*** Begin section ***

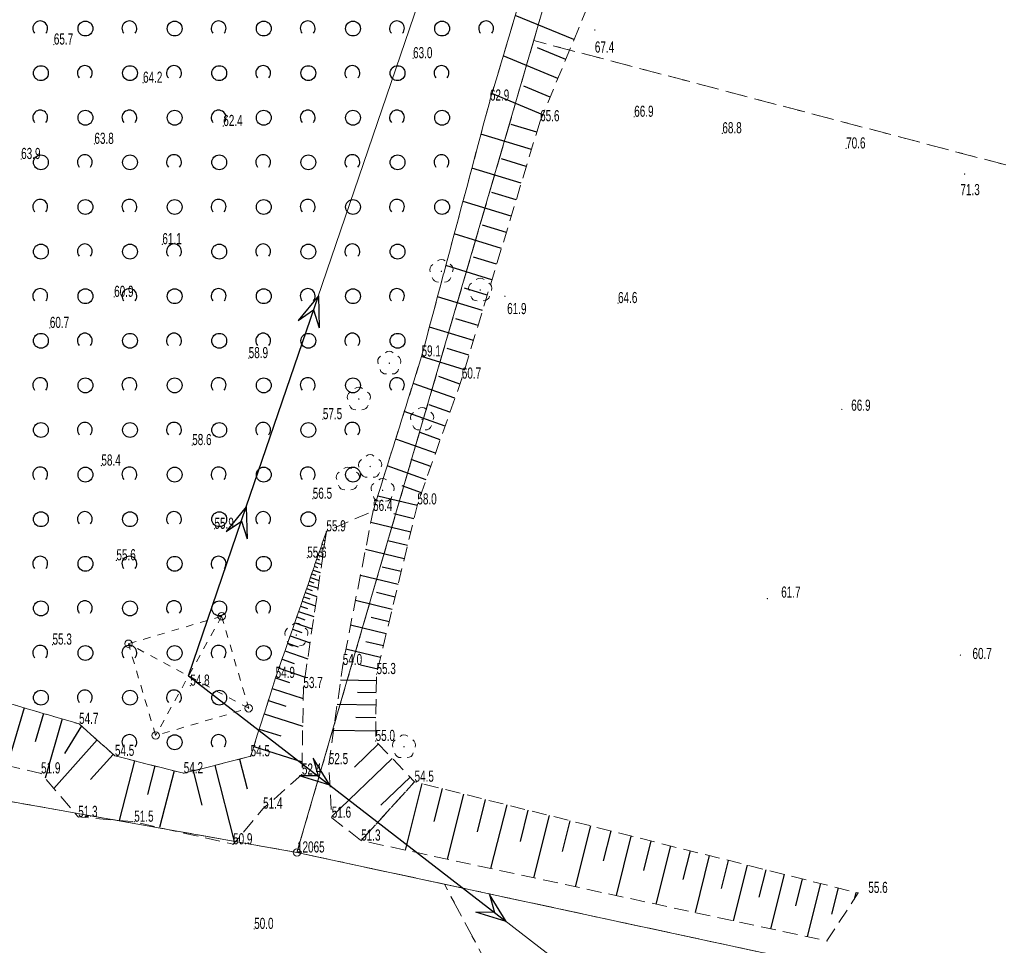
# Model space of a CAD drawing. Header units: metres. Extents: x 6524698 to 6533081, y 5883213 to 5896811.
# Tile 13 of 131: x 6529009 to 6529075, y 5886656 to 5886718. Entities that reach past the tile are written whole.
import ezdxf

# ---------------------------------------------------------------- set-up
doc = ezdxf.new("R2010")
doc.units = ezdxf.units.M
for name, pattern in [('mapa zasadnicza$0$1.0_0.5', [1.5, 1, -0.5]), ('mapa zasadnicza$0$219-500', [0]), ('mapa zasadnicza$0$egkk-500', [2, 1.5, -0.5]), ('mapa zasadnicza$0$egug-500', [1, 0.5, -0.5]), ('mapa zasadnicza$0$suep_wn_500', [0]), ('mapa zasadnicza$0$supp_500', [1, 0.5, -0.5])]:
    doc.linetypes.add(name, pattern=pattern)
for name, color, linetype in [('mapa zasadnicza$0$000 Inne (niezydentyfikowane)', 7, 'Continuous'), ('mapa zasadnicza$0$202-punkt graniczny', 7, 'Continuous'), ('mapa zasadnicza$0$202-punkt graniczny-Atr103', 7, 'Continuous'), ('mapa zasadnicza$0$217-kontur klasyfikacyjny', 7, 'Continuous'), ('mapa zasadnicza$0$218-kontur użytku gruntowego', 7, 'Continuous'), ('mapa zasadnicza$0$219-działka ewidencyjna', 7, 'Continuous'), ('mapa zasadnicza$0$drzewo liściaste', 7, 'Continuous'), ('mapa zasadnicza$0$pikieta naturalna', 7, 'Continuous'), ('mapa zasadnicza$0$pikieta naturalna-Atr2', 7, 'Continuous'), ('mapa zasadnicza$0$przewód elektroenergetyczny wysokiego napięcia', 7, 'Continuous'), ('mapa zasadnicza$0$skarpa nieumocniona', 7, 'Continuous'), ('mapa zasadnicza$0$słup przewodów napowietrznych', 7, 'Continuous'), ('mapa zasadnicza$0$zadrzewienie  zakrzewienie', 7, 'Continuous')]:
    doc.layers.add(name, color=color, linetype=linetype)
doc.styles.add('mapa zasadnicza$0$STANDARD', font='Working1250', dxfattribs={"width": 0.75})

# ---------------------------------------------------------------- blocks, each defined once
blk = doc.blocks.new('mapa zasadnicza$0$202')
at = {"color": 0, "linetype": 'Continuous', "lineweight": 0}
blk.add_circle((0, 0), 0.25, dxfattribs=at)
blk = doc.blocks.new('mapa zasadnicza$0$OP021')
at = {"linetype": 'Continuous', "lineweight": 13}
h = blk.add_hatch(color=0, dxfattribs=at)
edge = h.paths.add_edge_path()
edge.add_arc((0, 0), 0.05, 0, 360)
at = {"color": 0, "linetype": 'Continuous', "lineweight": 13}
for centre, start, end in [((0, 0.4), 49.272, 130.728), ((-0.38, 0.124), 121.308, 202.548), ((0.38, 0.124), 337.452, 58.692), ((-0.235, -0.324), 193.221, 274.871), ((0.235, -0.324), 265.129, 346.779)]:
    blk.add_arc(centre, 0.4, start, end, dxfattribs=at)
blk = doc.blocks.new('mapa zasadnicza$0$PW01')
at = {"linetype": 'Continuous', "lineweight": 13}
h = blk.add_hatch(color=0, dxfattribs=at)
edge = h.paths.add_edge_path()
edge.add_arc((0, 0), 0.045, 0, 360)
blk = doc.blocks.new('mapa zasadnicza$0$SM05')
at = {"color": 0, "linetype": 'Continuous', "lineweight": 13}
blk.add_circle((0, 0), 0.25, dxfattribs=at)
blk = doc.blocks.new('mapa zasadnicza$0$SUEP3')
at = {"color": 0, "linetype": 'Continuous'}
for p, q in [((12.003, 0), (10.003, 0.75)), ((10.003, 0.75), (11.003, 0)), ((27.003, 0), (25.003, 0.75)), ((25.003, 0.75), (26.003, 0)), ((0, 0), (12.003, 0)), ((12.003, 0), (10.003, -0.75)), ((11.003, 0), (10.003, -0.75)), ((12.003, 0), (27.003, 0)), ((27.003, 0), (25.003, -0.75)), ((26.003, 0), (25.003, -0.75))]:
    blk.add_line(p, q, dxfattribs=at)
blk = doc.blocks.new('mapa zasadnicza$0$OTZK1')
at = {"color": 0, "linetype": 'Continuous'}
blk.add_circle((0, 0), 0.5, dxfattribs=at)
blk = doc.blocks.new('mapa zasadnicza$0$OTZK2')
at = {"color": 0, "linetype": 'Continuous'}
blk.add_arc((0, 0), 0.5, 318.85, 221.162, dxfattribs=at)

msp = doc.modelspace()

# ---------------------------------------------------------------- linework, layer by layer
at = {"layer": 'mapa zasadnicza$0$000 Inne (niezydentyfikowane)', "color": 7, "linetype": 'Continuous', "lineweight": 25, "flags": 128}
for points in [[(6529045.79, 5886716.67), (6529041.85, 5886718.3)], [(6529045.24, 5886715.34), (6529043.34, 5886716.13)], [(6529044.71, 5886714.05), (6529041.04, 5886715.58)], [(6529044.2, 5886712.81), (6529042.42, 5886713.55)], [(6529043.7, 5886711.62), (6529040.28, 5886713.04)], [(6529043.29, 5886710.44), (6529041.57, 5886710.96)], [(6529042.94, 5886709.28), (6529039.54, 5886710.31)], [(6529042.59, 5886708.14), (6529040.91, 5886708.65)], [(6529042.25, 5886707.01), (6529038.92, 5886708.02)], [(6529041.91, 5886705.9), (6529040.27, 5886706.4)], [(6529041.58, 5886704.8), (6529038.33, 5886705.79)], [(6529041.25, 5886703.71), (6529039.64, 5886704.2)], [(6529040.92, 5886702.63), (6529037.74, 5886703.6)], [(6529040.59, 5886701.57), (6529039.03, 5886702.05)], [(6529040.28, 5886700.52), (6529037.17, 5886701.47)], [(6529039.65, 5886698.46), (6529036.61, 5886699.38)], [(6529039.96, 5886699.48), (6529038.43, 5886699.95)], [(6529039.34, 5886697.44), (6529037.84, 5886697.9)], [(6529039.03, 5886696.44), (6529036.07, 5886697.34)], [(6529038.73, 5886695.45), (6529037.27, 5886695.89)], [(6529038.43, 5886694.47), (6529035.54, 5886695.35)], [(6529037.78, 5886692.55), (6529034.97, 5886693.55)], [(6529038.12, 5886693.5), (6529036.7, 5886694.01)], [(6529037.45, 5886691.61), (6529036.06, 5886692.1)], [(6529037.12, 5886690.68), (6529034.38, 5886691.65)], [(6529036.8, 5886689.76), (6529035.44, 5886690.24)], [(6529036.48, 5886688.86), (6529033.8, 5886689.8)], [(6529036.16, 5886687.96), (6529034.84, 5886688.43)], [(6529035.85, 5886687.07), (6529033.23, 5886688)], [(6529035.54, 5886686.2), (6529034.24, 5886686.65)], [(6529035.24, 5886685.33), (6529032.59, 5886685.97)], [(6529034.81, 5886683.54), (6529032.13, 5886684.19)], [(6529035.03, 5886684.44), (6529033.67, 5886684.77)], [(6529029.1, 5886683.5), (6529029.12, 5886683.49)], [(6529028.93, 5886683), (6529029.05, 5886682.96)], [(6529029.02, 5886683.25), (6529029.05, 5886683.23)], [(6529034.59, 5886682.65), (6529033.27, 5886682.97)], [(6529028.67, 5886682.25), (6529028.8, 5886682.2)], [(6529028.76, 5886682.5), (6529028.97, 5886682.43)], [(6529028.84, 5886682.75), (6529028.93, 5886682.72)], [(6529034.38, 5886681.76), (6529031.77, 5886682.39)], [(6529028.41, 5886681.5), (6529028.81, 5886681.36)], [(6529028.5, 5886681.75), (6529028.67, 5886681.69)], [(6529028.58, 5886682), (6529028.89, 5886681.89)], [(6529028.24, 5886681), (6529028.73, 5886680.83)], [(6529028.32, 5886681.25), (6529028.55, 5886681.17)], [(6529034.17, 5886680.89), (6529032.88, 5886681.2)], [(6529027.98, 5886680.25), (6529028.3, 5886680.14)], [(6529028.07, 5886680.5), (6529028.65, 5886680.3)], [(6529028.15, 5886680.75), (6529028.42, 5886680.66)], [(6529033.96, 5886680.03), (6529031.43, 5886680.64)], [(6529027.81, 5886679.75), (6529028.17, 5886679.63)], [(6529027.89, 5886680), (6529028.58, 5886679.77)], [(6529027.51, 5886678.9), (6529028.4, 5886678.59)], [(6529027.61, 5886679.2), (6529028.03, 5886679.06)], [(6529027.71, 5886679.49), (6529028.5, 5886679.21)], [(6529033.56, 5886678.34), (6529031.09, 5886678.94)], [(6529033.76, 5886679.18), (6529032.51, 5886679.48)], [(6529027.27, 5886678.22), (6529028.3, 5886677.87)], [(6529027.4, 5886678.57), (6529027.87, 5886678.4)], [(6529027.14, 5886677.85), (6529027.69, 5886677.66)], [(6529033.36, 5886677.52), (6529032.14, 5886677.81)], [(6529026.86, 5886677.02), (6529027.48, 5886676.8)], [(6529027.01, 5886677.45), (6529028.18, 5886677.04)], [(6529033.16, 5886676.7), (6529030.77, 5886677.28)], [(6529026.7, 5886676.57), (6529028.04, 5886676.1)], [(6529032.97, 5886675.9), (6529031.79, 5886676.18)], [(6529026.35, 5886675.56), (6529027.88, 5886675.02)], [(6529026.53, 5886676.08), (6529027.25, 5886675.83)], [(6529032.78, 5886675.11), (6529030.45, 5886675.67)], [(6529026.16, 5886675), (6529026.97, 5886674.71)], [(6529025.95, 5886674.4), (6529027.7, 5886673.79)], [(6529032.59, 5886674.33), (6529031.44, 5886674.61)], [(6529025.72, 5886673.75), (6529026.66, 5886673.43)], [(6529032.5, 5886673.55), (6529030.09, 5886673.58)], [(6529025.49, 5886673.03), (6529027.58, 5886672.36)], [(6529025.24, 5886672.22), (6529026.4, 5886671.85)], [(6529032.49, 5886672.75), (6529031.24, 5886672.76)], [(6529008.8, 5886671.73), (6529007.66, 5886667.85)], [(6529032.48, 5886671.92), (6529029.87, 5886671.95)], [(6529010.1, 5886671.35), (6529009.54, 5886669.45)], [(6529011.37, 5886670.98), (6529010.21, 5886667)], [(6529024.95, 5886671.32), (6529027.55, 5886670.49)], [(6529032.47, 5886671.06), (6529031.11, 5886671.08)], [(6529012.65, 5886670.52), (6529011.51, 5886668.67)], [(6529024.62, 5886670.3), (6529026.08, 5886669.84)], [(6529013.71, 5886669.57), (6529010.8, 5886666.31)], [(6529032.46, 5886670.16), (6529029.62, 5886670.2)], [(6529024.25, 5886669.14), (6529027.5, 5886668.1)], [(6529032.64, 5886669.3), (6529031.02, 5886667.75)], [(6529014.79, 5886668.6), (6529013.27, 5886666.9)], [(6529023.3, 5886668.28), (6529023.81, 5886666.28)], [(6529033.57, 5886668.32), (6529029.5, 5886664.42)], [(6529016.22, 5886668.17), (6529015.2, 5886664.16)], [(6529017.59, 5886667.82), (6529017.1, 5886665.9)], [(6529021.64, 5886667.86), (6529022.95, 5886662.66)], [(6529018.89, 5886667.49), (6529017.92, 5886663.68)], [(6529020.17, 5886667.49), (6529020.75, 5886665.19)], [(6529034.78, 5886667.06), (6529032.81, 5886665.18)], [(6529035.56, 5886666.64), (6529034.43, 5886662.16)], [(6529036.92, 5886666.3), (6529036.36, 5886664.08)], [(6529038.36, 5886665.93), (6529037.27, 5886661.55)], [(6529039.82, 5886665.57), (6529039.28, 5886663.4)], [(6529041.27, 5886665.21), (6529040.19, 5886660.92)], [(6529042.7, 5886664.85), (6529042.17, 5886662.73)], [(6529044.12, 5886664.49), (6529043.07, 5886660.3)], [(6529045.52, 5886664.14), (6529045, 5886662.07)], [(6529046.91, 5886663.79), (6529045.88, 5886659.7)], [(6529048.28, 5886663.45), (6529047.77, 5886661.43)], [(6529049.63, 5886663.11), (6529048.63, 5886659.11)], [(6529050.97, 5886662.78), (6529050.47, 5886660.8)], [(6529052.3, 5886662.44), (6529051.31, 5886658.53)], [(6529053.61, 5886662.12), (6529053.12, 5886660.18)], [(6529054.9, 5886661.79), (6529053.94, 5886657.96)], [(6529056.18, 5886661.47), (6529055.71, 5886659.58)], [(6529057.45, 5886661.15), (6529056.51, 5886657.41)], [(6529058.7, 5886660.84), (6529058.24, 5886658.99)], [(6529059.94, 5886660.53), (6529059.02, 5886656.87)], [(6529061.16, 5886660.22), (6529060.71, 5886658.41)], [(6529062.38, 5886659.92), (6529061.48, 5886656.34)], [(6529063.57, 5886659.62), (6529063.13, 5886657.85)], [(6529064.76, 5886659.32), (6529064.64, 5886658.85)]]:
    msp.add_lwpolyline(points, dxfattribs=at)
at = {"layer": 'mapa zasadnicza$0$217-kontur klasyfikacyjny', "color": 92, "linetype": 'mapa zasadnicza$0$egkk-500', "lineweight": 18, "flags": 128}
for points in [[(6529043.09, 5886716.61), (6529049.1, 5886737.21)], [(6529027.16, 5886662), (6529043.09, 5886716.61)], [(6529121.28, 5886696.02), (6529043.09, 5886716.61)], [(6528985.09, 5886669.49), (6529027.16, 5886662)], [(6529037.08, 5886659.87), (6529027.16, 5886662)], [(6529060.86, 5886615.4), (6529037.08, 5886659.87)], [(6529037.08, 5886659.87), (6529070.12, 5886652.76)]]:
    msp.add_lwpolyline(points, dxfattribs=at)
at = {"layer": 'mapa zasadnicza$0$218-kontur użytku gruntowego', "color": 3, "linetype": 'mapa zasadnicza$0$egug-500', "lineweight": 18, "flags": 128}
for points in [[(6529043.09, 5886716.61), (6529049.1, 5886737.21)], [(6529027.16, 5886662), (6529043.09, 5886716.61)], [(6529121.28, 5886696.02), (6529043.09, 5886716.61)], [(6528985.09, 5886669.49), (6529027.16, 5886662)], [(6529037.08, 5886659.87), (6529027.16, 5886662)], [(6529060.86, 5886615.4), (6529037.08, 5886659.87)], [(6529037.08, 5886659.87), (6529070.12, 5886652.76)]]:
    msp.add_lwpolyline(points, dxfattribs=at)
at = {"layer": 'mapa zasadnicza$0$219-działka ewidencyjna', "color": 7, "linetype": 'mapa zasadnicza$0$219-500', "lineweight": 18, "flags": 128}
for points in [[(6529027.16, 5886662), (6529062.57, 5886783.37)], [(6528901.26, 5886684.43), (6529027.16, 5886662)], [(6529070.12, 5886652.76), (6529027.16, 5886662)]]:
    msp.add_lwpolyline(points, dxfattribs=at)
at = {"layer": 'mapa zasadnicza$0$przewód elektroenergetyczny wysokiego napięcia', "color": 1, "linetype": 'mapa zasadnicza$0$suep_wn_500', "lineweight": 18, "flags": 128}
for points in [[(6529068.21, 5886815.42), (6529019.87, 5886673.88)], [(6529019.87, 5886673.88), (6529174.85, 5886554.04)], [(6529174.85, 5886554.04), (6529019.87, 5886673.88)]]:
    msp.add_lwpolyline(points, dxfattribs=at)
at = {"layer": 'mapa zasadnicza$0$skarpa nieumocniona', "color": 7, "linetype": 'mapa zasadnicza$0$1.0_0.5', "lineweight": 18, "flags": 128}
for points in [[(6529043.52, 5886711.18), (6529038.25, 5886693.87), (6529035.26, 5886685.41), (6529032.51, 5886674), (6529032.45, 5886669.5), (6529035.07, 5886666.76), (6529031.48, 5886662.8), (6529029.5, 5886664.34), (6529029.3, 5886667.94), (6529030.24, 5886674.61), (6529032.28, 5886684.97), (6529035.54, 5886695.36), (6529040.14, 5886712.57), (6529056.34, 5886766.9), (6529058.09, 5886768.21), (6529058.23, 5886766.66), (6529056.6, 5886758.38), (6529053.61, 5886738.42), (6529051.04, 5886734.03), (6529048.79, 5886723.9)], [(6529043.52, 5886711.18), (6529038.25, 5886693.87), (6529035.26, 5886685.41), (6529032.51, 5886674), (6529032.45, 5886669.5), (6529035.07, 5886666.76), (6529031.48, 5886662.8), (6529029.5, 5886664.34), (6529029.3, 5886667.94), (6529030.24, 5886674.61), (6529032.28, 5886684.97), (6529035.54, 5886695.36), (6529040.14, 5886712.57), (6529056.34, 5886766.9), (6529058.09, 5886768.21), (6529058.23, 5886766.66), (6529056.6, 5886758.38), (6529053.61, 5886738.42), (6529051.04, 5886734.03), (6529048.79, 5886723.9)], [(6529029.14, 5886683.6), (6529027.59, 5886673.06), (6529027.49, 5886667.24), (6529024.88, 5886664.95), (6529022.86, 5886662.55), (6529016.21, 5886664.07), (6529012.44, 5886664.39), (6529009.94, 5886667.32), (6528991.06, 5886671.71), (6528983.5, 5886673.25), (6528970.65, 5886675.04), (6528959.64, 5886677.86), (6528943.87, 5886681.13), (6528934.5, 5886682.23), (6528926.07, 5886682.58), (6528916.14, 5886683.92), (6528902.17, 5886687.44), (6528920.04, 5886688.95), (6528935.1, 5886688.16), (6528939.84, 5886686.97), (6528962.54, 5886681.79), (6528975.32, 5886679.12), (6528982.4, 5886677.32), (6528990.96, 5886675.07), (6529007.16, 5886672.21), (6529012.5, 5886670.65), (6529014.91, 5886668.5), (6529019.54, 5886667.33), (6529024.04, 5886668.47), (6529025.72, 5886673.74)], [(6529029.14, 5886683.6), (6529027.59, 5886673.06), (6529027.49, 5886667.24), (6529024.88, 5886664.95), (6529022.86, 5886662.55), (6529016.21, 5886664.07), (6529012.44, 5886664.39), (6529009.94, 5886667.32), (6528991.06, 5886671.71), (6528983.5, 5886673.25), (6528970.65, 5886675.04), (6528959.64, 5886677.86), (6528943.87, 5886681.13), (6528934.5, 5886682.23), (6528926.07, 5886682.58), (6528916.14, 5886683.92), (6528902.17, 5886687.44), (6528920.04, 5886688.95), (6528935.1, 5886688.16), (6528939.84, 5886686.97), (6528962.54, 5886681.79), (6528975.32, 5886679.12), (6528982.4, 5886677.32), (6528990.96, 5886675.07), (6529007.16, 5886672.21), (6529012.5, 5886670.65), (6529014.91, 5886668.5), (6529019.54, 5886667.33), (6529024.04, 5886668.47), (6529025.72, 5886673.74)], [(6529031.48, 5886662.8), (6529035.07, 5886666.76), (6529064.92, 5886659.28), (6529062.82, 5886656.05)], [(6529031.48, 5886662.8), (6529035.07, 5886666.76), (6529064.92, 5886659.28), (6529062.82, 5886656.05)]]:
    msp.add_lwpolyline(points, close=True, dxfattribs=at)
at = {"layer": 'mapa zasadnicza$0$słup przewodów napowietrznych', "color": 7, "linetype": 'mapa zasadnicza$0$supp_500', "lineweight": 18, "flags": 128}
for points in [[(6529022.09, 5886677.89), (6529023.91, 5886671.7), (6529017.65, 5886669.87), (6529015.82, 5886676.04)], [(6529022.09, 5886677.89), (6529015.82, 5886676.04)], [(6529022.09, 5886677.89), (6529017.65, 5886669.87)], [(6529023.91, 5886671.7), (6529015.82, 5886676.04)]]:
    msp.add_lwpolyline(points, dxfattribs=at)
at = {"layer": 'mapa zasadnicza$0$zadrzewienie  zakrzewienie', "color": 7, "linetype": 'mapa zasadnicza$0$1.0_0.5', "lineweight": 18, "flags": 128}
msp.add_lwpolyline([(6528953.71, 5886788.26), (6528947.86, 5886785.18), (6528941.55, 5886783.36), (6528934.01, 5886782.28), (6528929.82, 5886780.75), (6528927.68, 5886774.29), (6528924.8, 5886767.95), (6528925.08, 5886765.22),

*** End section ***

_Problem description_.
For every line above that has "start" in it, copy the line.

_Answer to this task_.
for centre, start, end in [((0, 0.4), 49.272, 130.728), ((-0.38, 0.124), 121.308, 202.548), ((0.38, 0.124), 337.452, 58.692), ((-0.235, -0.324), 193.221, 274.871), ((0.235, -0.324), 265.129, 346.779)]:
    blk.add_arc(centre, 0.4, start, end, dxfattribs=at)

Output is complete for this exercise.